**About this task**. Among the records below, find the lines with the word "VIEWED" and copy them.
Data: Begin
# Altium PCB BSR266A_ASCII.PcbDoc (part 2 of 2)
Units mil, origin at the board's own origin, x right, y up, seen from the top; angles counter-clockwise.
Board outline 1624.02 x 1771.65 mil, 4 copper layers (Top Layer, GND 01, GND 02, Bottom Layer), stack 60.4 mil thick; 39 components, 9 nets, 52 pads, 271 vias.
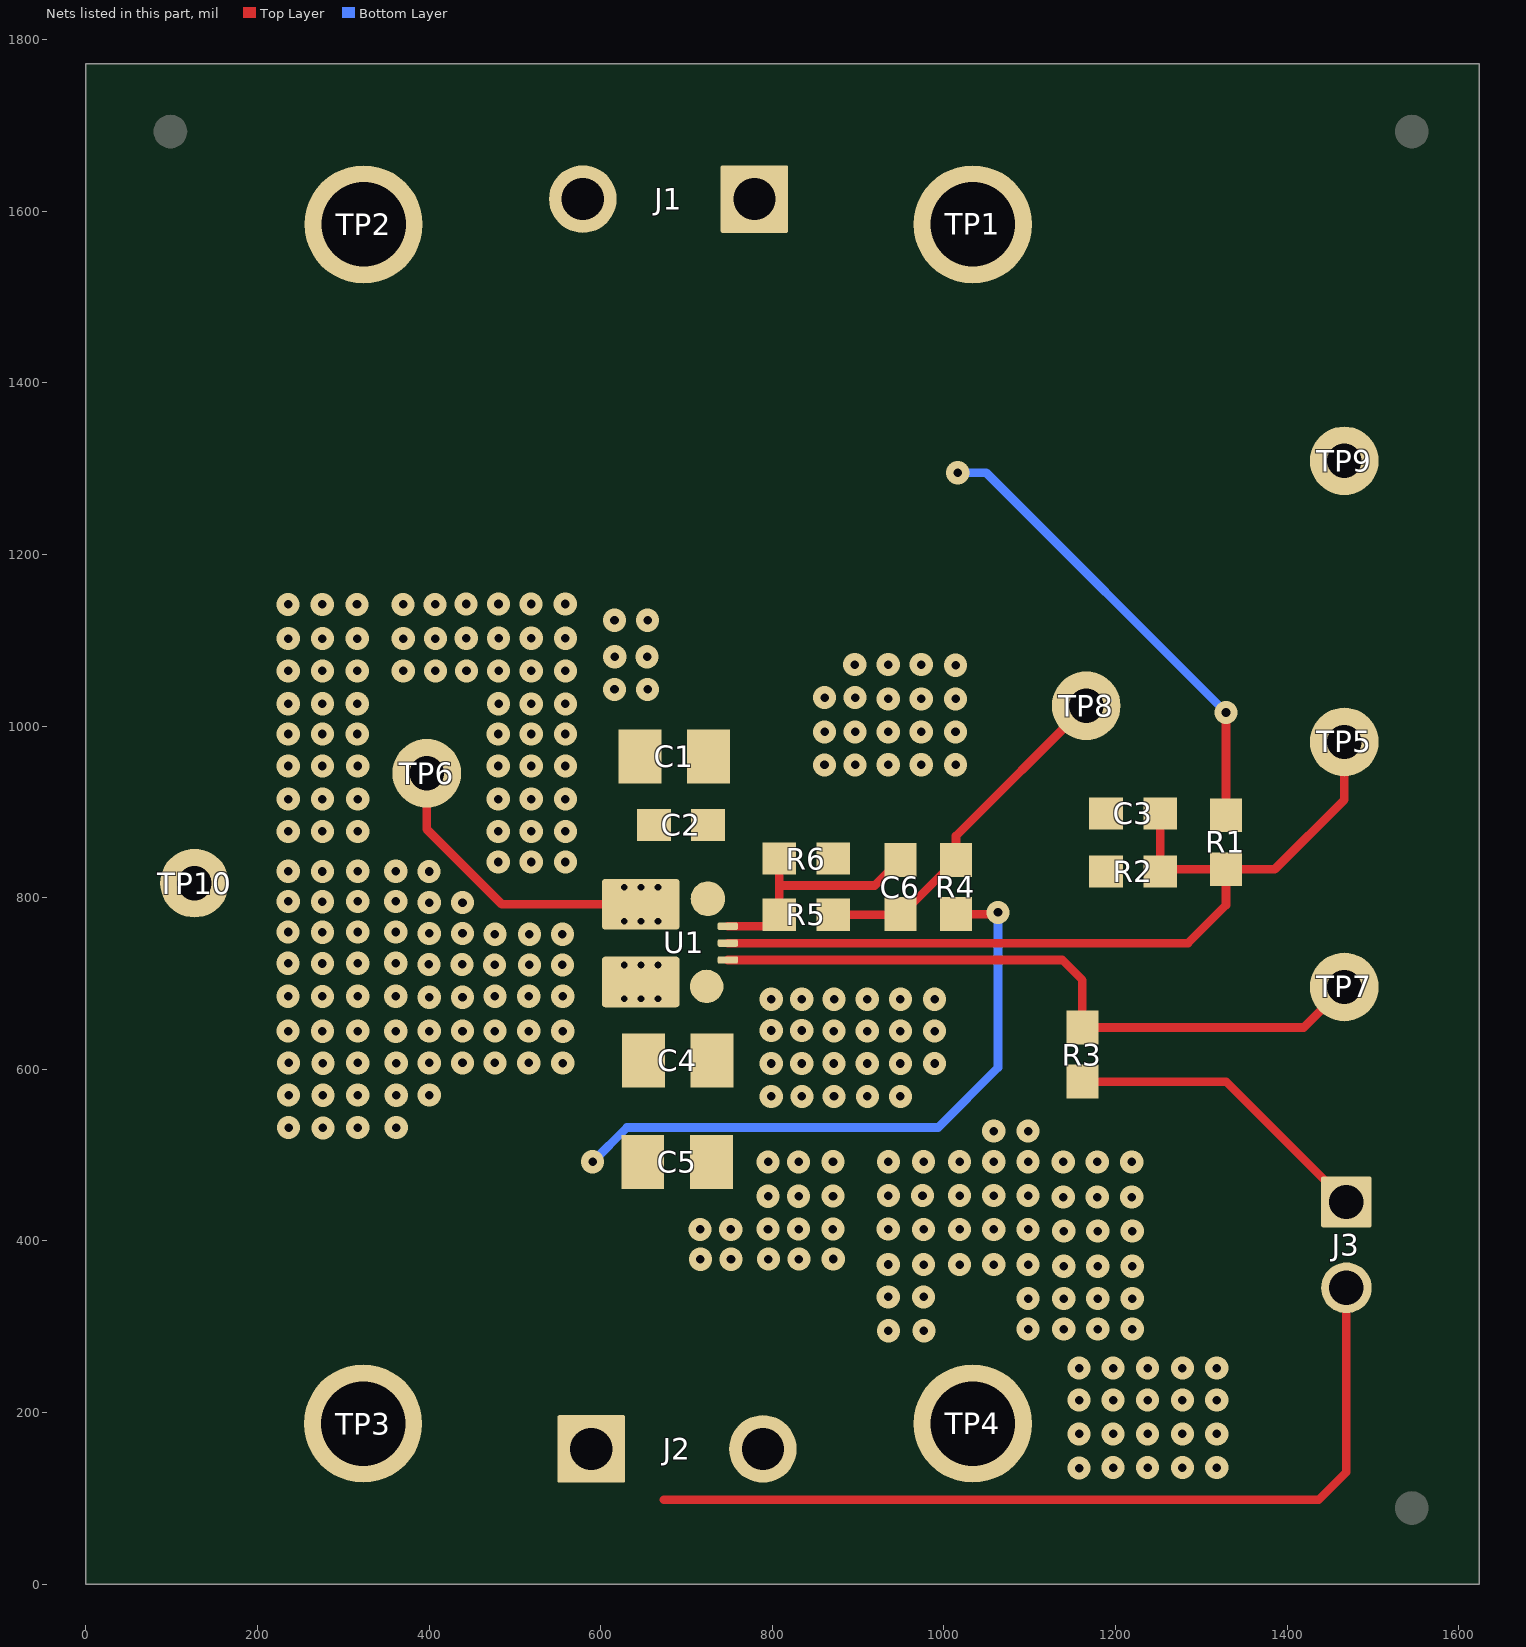
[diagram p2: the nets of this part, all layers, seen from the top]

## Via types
v1: diameter 27, hole 10, Top Layer to Bottom Layer, 259 vias
v2: diameter 19.68, hole 7.87, Top Layer to Bottom Layer, 12 vias

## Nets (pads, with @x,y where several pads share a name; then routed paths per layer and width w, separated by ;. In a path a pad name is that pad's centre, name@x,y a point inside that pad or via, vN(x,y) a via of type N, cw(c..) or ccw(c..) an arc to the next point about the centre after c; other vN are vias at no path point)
EN: C3.1 R1.1 R2.2 TP5.1 U1.6 | length 1025
  Top Layer w10: U1.6@748.03,747.03 1284.45,747.03 1328.68,791.27 R1.1@1328.68,833.01 ; C3.1@1251.97,898.2 R2.2@1251.97,830.56 1254.42,833.01 R1.1@1328.68,833.01 ; TP5.1@1466.54,981.48 1466.54,913.96 1385.59,833.01 R1.1@1328.68,833.01
FB: C6.2 R5.1 R6.2 U1.7 | length 295.7
  Top Layer w10: U1.7@748.03,766.71 794.67,766.71 R5.1@808.05,780.09 808.05,814.15 ; R5.1@799.97,766.71 R5.1@808.05,774.78 ; R6.2@808.05,845.47 808.05,814.15 ; C6.2@949.12,843.81 919.46,814.15 808.05,814.15
GND: C1.2 C2.2 C3.2 C4.2 C5.2 J1.2 J2.2 R2.1 R6.1 TP2.1 TP4.1 TP9.1 TP10.1 U1.4
  other v1: 1157.46,135.1 1197.18,135.65 1237.29,135.65 1277.84,135.65 1317.96,135.65 1157.46,175.02 1197.18,175.02 1237.29,175.02 1277.84,175.02 1317.96,175.02 1157.46,214.39 1197.18,214.39 1237.29,214.39 1277.84,214.39 1317.96,214.39 1157.46,251.67 1197.18,251.67 1237.29,251.67 1277.84,251.67 1317.96,251.67 935.3,295.28 976.58,295.28 1098.13,297.07 1139.52,297.07 1179.24,297.07 1219.36,297.07 1098.13,332.68 1139.52,332.68 1179.24,332.68 1219.36,332.68 935.04,334.65 976.32,334.65 1139.52,370.39 1179.24,370.39 1219.36,370.39 935.04,372.39 976.32,372.36 1018.29,372.36 1058.01,372.36 1098.13,372.36 716.13,378.49 751.8,378.49 795.31,378.74 830.99,378.74 871,378.82 1139.52,411.42 1179.24,411.42 1219.36,411.42 715.75,413.39 751.42,413.39 976.32,413.39 1018.29,413.39 1058.01,413.39 1098.13,413.39 794.93,413.64 830.6,413.64 870.61,413.72 935.04,413.69 1138.96,451.02 1178.69,451.02 1218.8,451.02 794.98,452.04 830.6,452.04 870.66,452.12 935.3,452.76 975.03,452.76 1018.29,452.76 1058.01,452.76 1098.13,452.76 794.98,492.04 830.6,492.04 870.66,492.13 935.3,492.13 976.32,492.13 1018.29,492.13 1058.01,492.13 1098.13,492.13 1138.96,492.04 1178.69,492.04 1218.8,492.04 1058.01,527.83 1098.13,527.83 236.14,531.96 276.12,531.69 316.69,531.96 361.57,531.96 798.69,568.36 834.37,568.36 871.81,568.36 910.7,568.36 949.18,568.36 236.14,569.87 276.12,569.59 316.69,569.87 361.57,569.7 400.07,569.87 236.14,607.33 276.12,607.06 316.69,607.33 361.57,607.17 400.07,607.33 438.83,607.33 476.63,607.33 516.06,607.33 555.68,607.17 798.64,606.72 834.31,606.72 871.76,606.72 910.65,606.72 949.18,606.72 989.17,606.72 235.61,644.49 275.59,644.21 316.69,644.49 361.04,644.32 400.07,644.49 438.83,644.49 476.63,644.49 516.06,644.49 555.68,644.32 871.76,644.49 910.65,644.49 949.18,644.49 989.17,644.49 798.69,645.12 834.31,645.12 798.69,681.58 834.31,681.58 871.94,681.58 910.65,681.58 949.18,681.58 989.17,681.58 400.07,683.88 438.83,683.88 235.61,685.16 275.59,684.89 316.69,685.16 361.04,685.16 476.63,685.16 516.06,685.16 555.68,685.16 399.71,722.2 438.46,722.2 476.27,721.68 516.79,721.68 555.32,721.68 235.61,723.47 275.59,723.2 316.69,723.47 361.04,723.47 476.63,757.34 516.79,757.34 555.32,757.34 400.07,758.25 438.83,758.25 235.61,759.94 275.59,759.67 316.69,759.94 361.04,759.94 400.07,794.27 438.83,794.27 275.59,795.28 235.81,795.55 316.69,795.55 361.04,795.55 235.81,830.78 275.59,830.5 316.69,830.78 361.04,830.78 399.93,830.5 480.44,841.52 518.97,841.52 558.78,841.52 235.81,877.17 275.59,877.17 316.69,877.17 480.44,877.17 518.97,877.17 558.78,877.17 235.81,914.91 275.59,914.91 316.69,914.91 480.55,914.91 518.97,914.91 558.78,914.91 235.81,953.44 275.59,953.44 316.69,953.44 480.55,953.44 518.97,953.44 558.78,953.44 860.8,954.72 896.47,954.72 935.04,954.87 973.59,954.87 1013.52,954.87 235.81,990.72 275.59,990.72 316.11,990.72 480.55,990.72 518.97,990.72 558.78,990.72 860.85,993.13 896.47,993.13 934.99,993.23 973.54,993.23 1013.47,993.23 235.81,1025.99 275.59,1025.99 316.11,1025.99 480.99,1025.99 518.97,1025.81 558.78,1025.81 935.04,1031.63 973.54,1031.63 1013.52,1031.63 860.85,1033.13 896.47,1033.13 616.05,1042.66 654.58,1042.66 235.81,1064.25 275.59,1064.25 316.11,1064.25 369.76,1064.25 407.2,1064.25 443.55,1064.25 480.99,1064.25 518.97,1064.25 558.78,1064.25 1013.52,1070.87 896.11,1071.64 935.04,1071.64 973.54,1071.64 616.21,1080.76 654.02,1080.76 235.81,1101.84 275.59,1101.84 316.11,1101.84 369.76,1101.84 407.2,1101.84 443.19,1102.36 480.99,1102.36 518.97,1102.36 558.78,1102.36 616.05,1123.31 654.58,1123.31 235.61,1141.73 275.39,1141.73 315.91,1141.73 369.56,1141.73 407,1141.73 442.99,1142.25 480.79,1142.25 518.77,1142.25 558.58,1142.25
NetC6_1: C6.1 R4.1 R5.2 TP8.1 | length 412
  Top Layer w10: R5.2@871.04,780.09 948.38,780.09 C6.1@949.12,780.82 951,780.82 R4.1@1014,843.81 1014,871.83 TP8.1@1165.78,1023.62
NetJ3_1: J3.1 R3.2 | length 365.8
  Top Layer w10: R3.2@1161.42,585.62 1328.68,585.62 J3.1@1469.04,445.27
PG: R3.1 TP7.1 U1.5 | length 803.1
  Top Layer w10: U1.5@748.03,727.34 1137.99,727.34 1161.42,703.92 R3.1@1161.42,648.61 1419.29,648.61 TP7.1@1466.54,695.86
SW: TP6.1 U1.2 | length 351
  Top Layer w10: TP6.1@397.19,945 397.19,879.68 484.57,792.3 U1.2@646.65,792.3
  other v2: 627.36,772.62 647.05,772.62 666.73,772.62 627.36,811.99 647.05,811.99 666.73,811.99
Vin: C1.1 C2.1 J1.1 R1.2 TP1.1 U1.1 | length 548.2
  Top Layer w10: R1.2@1328.68,896 1328.68,1015.72 v1(1328.74,1015.77)
  Bottom Layer w10: v1(1016.06,1295.19) 1049.33,1295.19 v1(1328.74,1015.77)
VOUT: C4.1 C5.1 J2.1 J3.2 R4.2 TP3.1 U1.3 | length 1772.1
  Top Layer w10: 673.62,98.43 1437.01,98.43 1469.04,130.45 J3.2@1469.04,345.27 ; R4.2@1014,780.82 1061.05,780.82 v1(1062.99,782.77)
  Bottom Layer w10: v1(590.55,492.13) 630.55,532.13 993.24,532.13 1062.99,601.87 v1(1062.99,782.77)
  other v2: 627.36,682.07 647.05,682.07 666.73,682.07 627.36,721.44 647.05,721.44 666.73,721.44
pads on no net: FID1.1 FID2.1 FID3.1 LBL1.0 SH-JP1.0

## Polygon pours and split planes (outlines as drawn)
GND on Top Layer "TOP_LAYER_GND_P106" (solid, remove dead copper, pour order 106): 0,1771.65 1624.02,1771.65 1624.02,0 0,0
Vin on Top Layer "TOP_LAYER_VIN_P076" (solid, remove dead copper, pour order 76): 688.98,1771.65 691.82,1768.81 691.82,757.34 725.22,757.34 827.04,859.16 827.04,1037.1 1181.1,1391.16 1181.1,1771.65 692.91,1771.65
VOUT on Top Layer "TOP_LAYER_VOUT_P074" (solid, remove dead copper, pour order 74): 593.49,732.16 594.17,731.47 692.16,731.47 692.16,0 216.54,0 216.54,324.8 447.83,556.1 594.49,556.1 594.49,730.94 594.21,731.21
GND on Bottom Layer "BOTTOM_LAYER_GND_P100" (solid, remove dead copper, pour order 100): 0,1771.65 1624.02,1771.65 1624.02,0 0,0
VOUT on Bottom Layer "BOTTOM_LAYER_VOUT_P044" (solid, remove dead copper, pour order 44): 600.92,730.49 601.91,731.47 692.16,731.47 692.16,672.22 691.56,672.82 601.29,672.82 601.29,730.12
SW on Bottom Layer "BOTTOM_LAYER_SW_P036" (solid, remove dead copper, pour order 36): 602.74,821.83 692.52,821.83 692.52,761.14 691.09,762.58 600.56,762.58 600.56,821.01 603.1,823.55
GND on GND 02 "GND_02_GND_P102" (solid, remove dead copper, pour order 102): 0,1771.65 1624.02,1771.65 1624.02,0 0,0
GND on GND 01 "GND_01_GND_P104" (solid, remove dead copper, pour order 104): 0,1771.65 1624.02,1771.65 1624.02,0 1614.17,-9.84 0,-9.84

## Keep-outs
Keep-Out Layer:
  text ".Layer_Name" at 577,-858.49 h60

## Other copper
Top Layer:
  text ".Layer_Name" at 577,-858.49 h60
Bottom Layer:
  text ".Layer_Name" at 577,-858.49 h60

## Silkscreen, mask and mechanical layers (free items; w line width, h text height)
Top Overlay:
  lines w3.97: 580.2,836.18 580.64,836.61 ; 599.47,836.61 600.2,837.34
  lines w6: 580.2,836.18 580.2,659.45 604.92,659.45 ; 580.64,836.61 599.47,836.61 ; 600.2,837.34 600.2,1013.78 767.72,1013.78 767.72,885.83 909.03,885.83 910.26,741.88 775.77,742.43 775.77,561.02 606.45,561.02 606.45,659.45
  text "BSR266E1" at 1151.57,1683.07 h80
  text "GND" at 285.43,1446.85 h40
  text "VIN" at 1004.07,1446.85 h40
  text "Solution Size" at 993.53,1335.9 h30
  text "=65 sq mm" at 1077.86,1287.19 h30
  text "GND" at 1427.17,1213.68 h40
  text "BODE" at 1201.77,1038.2 h40
  text "EN" at 1423.92,880.55 h40
  text "SW" at 357.04,846.77 h40
  text "GND" at 87.41,721.44 h40
  text "PG" at 1427.17,590.55 h40
  text "PG_Pull_Up" at 1322.98,500.71 h40
  text "VOUT" at 275.59,58.07 h40
  text "GND" at 994.09,58.07 h40
  text ".Layer_Name" at 577,-858.49 h40
Bottom Overlay:
  text ".Layer_Name" at 577,-858.49 h60
Top Paste:
  text ".Layer_Name" at 577,-858.49 h60
Bottom Paste:
  text ".Layer_Name" at 577,-858.49 h60
Top Solder:
  text ".Layer_Name" at 577,-858.49 h60
  text ".Layer_Name" at 577,-858.49 h60
Bottom Solder:
  text ".Layer_Name" at 577,-858.49 h60
Drill Guide:
  text ".Layer_Name" at 577,-858.49 h60
M1 Board Outline:
  the board outline again, w10
  text ".Layer_Name" at 577,-858.49 h60
M2 Board Dimensions:
  rectangle: 0,-275 125,-150
  rectangle: 125,-400 500,-275
  lines w7: 0,-275 1000,-275 ; 125,-400 125,-150 ; 250,-400 250,-150 ; 500,-400 500,-150 ; 750,-400 750,-150 ; 0,-400 1000,-400 1000,-150 0,-150 0,-400
  text ".Layer_Name" at 577,-858.49 h60
M3 3D STEP Top:
  text ".Layer_Name" at 577,-858.49 h60
M4 3D STEP Bottom:
  text ".Layer_Name" at 577,-858.49 h60
M5 Assembly Top:
  lines w10: -292,-930.17 6308,-930.17 ; -292,-726.83 6310,-726.83 ; -292,-523.5 -292,-1133.5 3713,-1133.5 6310,-1133.5 6310,-523.5 -291.5,-523.5 -291.5,-1133.5 1284,-1133.5 ; 2173,-1133.5 2173,-523.5 ; 3440,-726.83 3440,-523.5 ; 4280,-726.83 4280,-523.5 ; 4902,-1140 4902,-937.17
  text "COMPONENTS MARKED 'DNP' SHOULD NOT BE POPULATED." at 1153.5,-318.5 h60
  text "ASSEMBLY VARIANT:" at 1153,-434 h60
  text ".VariantName" at 2189,-434 h60
  text "PCB VIEWED FROM TOP SIDE" at -228.5,-655.67 h60
  text "BOARD #:" at 2248,-655.67 h60
  text ".PRJ_Number" at 2793.5,-655.67 h60
  text "REV:" at 3638,-655.67 h60
  text ".PCB_Rev" at 3929.5,-655.67 h60
  text "SVN REV:" at 4476,-655.67 h60
  text ".VersionControl_RevNumber" at 4982,-655.67 h60
  text "TID #:" at 2248,-859 h60
  text ".TID" at 2793.5,-859 h60
  text "PLOT NAME =" at -228.5,-1064.34 h60
  text ".plot_File_Name" at 577,-1064.34 h60
  text "GENERATED    :" at 2250,-1064.34 h60
  text ".Print_Date" at 3119.5,-1064.34 h60
  text ".Print_Time" at 3848.5,-1064.34 h60
  text "TEXAS INSTRUMENTS" at 5113,-1064.34 h60
M6 Assembly Bottom:
  lines w10: -292.5,-727.33 6309.5,-727.33 ; -290.5,-930.67 6309.5,-930.67 ; 1115.5,-1140.5 1115.5,-937.67 ; 1737.5,-727.33 1737.5,-524 ; 2577.5,-727.33 2577.5,-524 ; 3844.5,-1134 3844.5,-524 ; 4733.5,-1134 6309,-1134 6309,-524 -292.5,-524 -292.5,-1134 2304.5,-1134 6309.5,-1134 6309.5,-524
  text "COMPONENTS MARKED 'DNP' SHOULD NOT BE POPULATED." at 6102,-318 h60
  text ".VariantName" at 5058,-434 h60
  text "ASSEMBLY VARIANT:" at 6097,-434 h60
  text ".VersionControl_RevNumber" at 1035.5,-656.17 h60
  text "SVN REV:" at 1541.5,-656.17 h60
  text ".PCB_Rev" at 2088,-656.17 h60
  text "REV:" at 2379.5,-656.17 h60
  text ".PRJ_Number" at 3224,-656.17 h60
  text "BOARD #:" at 3769.5,-656.17 h60
  text "PCB VIEWED FROM BOTTOM SIDE" at 6246,-656.17 h60
  text ".TID" at 3224,-859.5 h60
  text "TID #:" at 3769.5,-859.5 h60
  text "TEXAS INSTRUMENTS" at 904.5,-1064.84 h60
  text ".Print_Time" at 2169,-1064.84 h60
  text ".Print_Date" at 2898,-1064.84 h60
  text "GENERATED    :" at 3767.5,-1064.84 h60
  text ".plot_File_Name" at 5440.5,-1064.84 h60
  text "PLOT NAME =" at 6246,-1064.84 h60
M9 Title Sheet:
  lines w10: -491.5,1041.5 -291.5,1041.5 ; -491.5,3416.5 -291.5,3416.5 ; -491.5,5791.5 -291.5,5791.5 ; 2008.5,-1333.5 2008.5,-1133.5 ; 2008.5,7966.5 2008.5,8166.5 ; 4508.5,-1333.5 4508.5,-1133.5 ; 4508.5,7966.5 4508.5,8166.5 ; 6321,-1133.5 6321,-523.5 11303.5,-523.5 ; 7008.5,-1333.5 7008.5,-1133.5 ; 7008.5,7966.5 7008.5,8166.5 ; 9508.5,-1333.5 9508.5,-1133.5 ; 9508.5,7966.5 9508.5,8166.5 ; 11303.5,-1133.5 11303.5,-523.5 ; 11303.5,-823.5 14303.5,-823.5 ; 11303.5,-223.5 14303.5,-223.5 ; 11304.5,370.5 14304.5,370.5 ; 12008.5,-1333.5 12008.5,-1133.5 ; 12008.5,7966.5 12008.5,8166.5 ; 12808.5,-1123.5 12808.5,-523.5 ; 14303.5,-523.5 11303.5,-523.5 ; 14303.5,76.5 11303.5,76.5 ; 14308.5,66.5 14308.5,-1133.5 ; 14308.5,871 11304.5,871 11303.5,871 11303.5,370.5 11303.5,76.5 ; 14308.5,1041.5 14508.5,1041.5 ; 14308.5,3416.5 14508.5,3416.5 ; 14308.5,5791.5 14508.5,5791.5 ; 11303.5,-523.5 11303.5,76.5 ; 14308.5,-1133.5 14308.5,7966.5 -291.5,7966.5 -291.5,-1133.5 14308.5,-1133.5 ; -491.5,-1333.5 -491.5,8166.5 14508.5,8166.5 14508.5,-1333.5 -491.5,-1333.5
  text "1" at 739.84,8036.5 h70
  text "2" at 3235.5,8036.5 h70
  text "3" at 5724.84,8036.5 h70
  text "4" at 8231.51,8036.5 h70
  text "5" at 10730.5,8036.5 h70
  text "6" at 13235.5,8036.5 h70
  text "A" at -416.5,6893.5 h70
  text "A" at 14383.5,6893.5 h70
  text "B" at -416.5,4513.5 h70
  text "B" at 14383.5,4513.5 h70
  text "C" at -416.5,2138.5 h70
  text "C" at 14383.5,2138.5 h70
  text "PROJECT TITLE:" at 11343.5,277.5 h45
  text ".PRJ_Title" at 11393.5,144.17 h70
  text "DESIGNED FOR:" at 11343.5,-23.5 h45
  text ".PRJ_Customer" at 11393.5,-163.5 h70
  text "D" at -416.5,-231.5 h70
  text "D" at 14383.5,-231.5 h70
  text "FILE NAME:" at 11343.5,-323.5 h45
  text ".PCB_File_Name_No_Path" at 11393.5,-443.5 h70
  text "Texas Instruments (TI) and/or its licensors do not warrant the accuracy or completeness of this specification" at 6374,-605.34 h45
  text "ENGINEER:" at 11343.5,-613.5 h45
  text "LAYOUT BY:" at 12848.5,-613.5 h45
  text "or any information contained therein. TI and/or its licensors do not warrant that this design will meet" at 6329.01,-718 h45
  text ".PRJ_Engineer" at 11393.5,-768.49 h70
  text ".PCB_Layout" at 12899,-768.49 h70
  text "the specifications, will be suitable for your application or fit for any particular purpose, or will operate in" at 6329.01,-830.67 h45
  text ".Layer_Name" at 577,-858.49 h60
  text "ALTIUM DESIGNER VERSION:" at 12848.5,-923.5 h45
  text "an implementation. TI and/or its licensors do not warrant that the design is production worthy. You should" at 6329.01,-943.33 h45
  text "completely validate and test your design implementation to confirm the system functionality for your application." at 6374,-1056 h45
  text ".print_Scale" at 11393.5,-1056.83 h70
Data: End
**Expected answer**.
  text "PCB VIEWED FROM TOP SIDE" at -228.5,-655.67 h60
  text "PCB VIEWED FROM BOTTOM SIDE" at 6246,-656.17 h60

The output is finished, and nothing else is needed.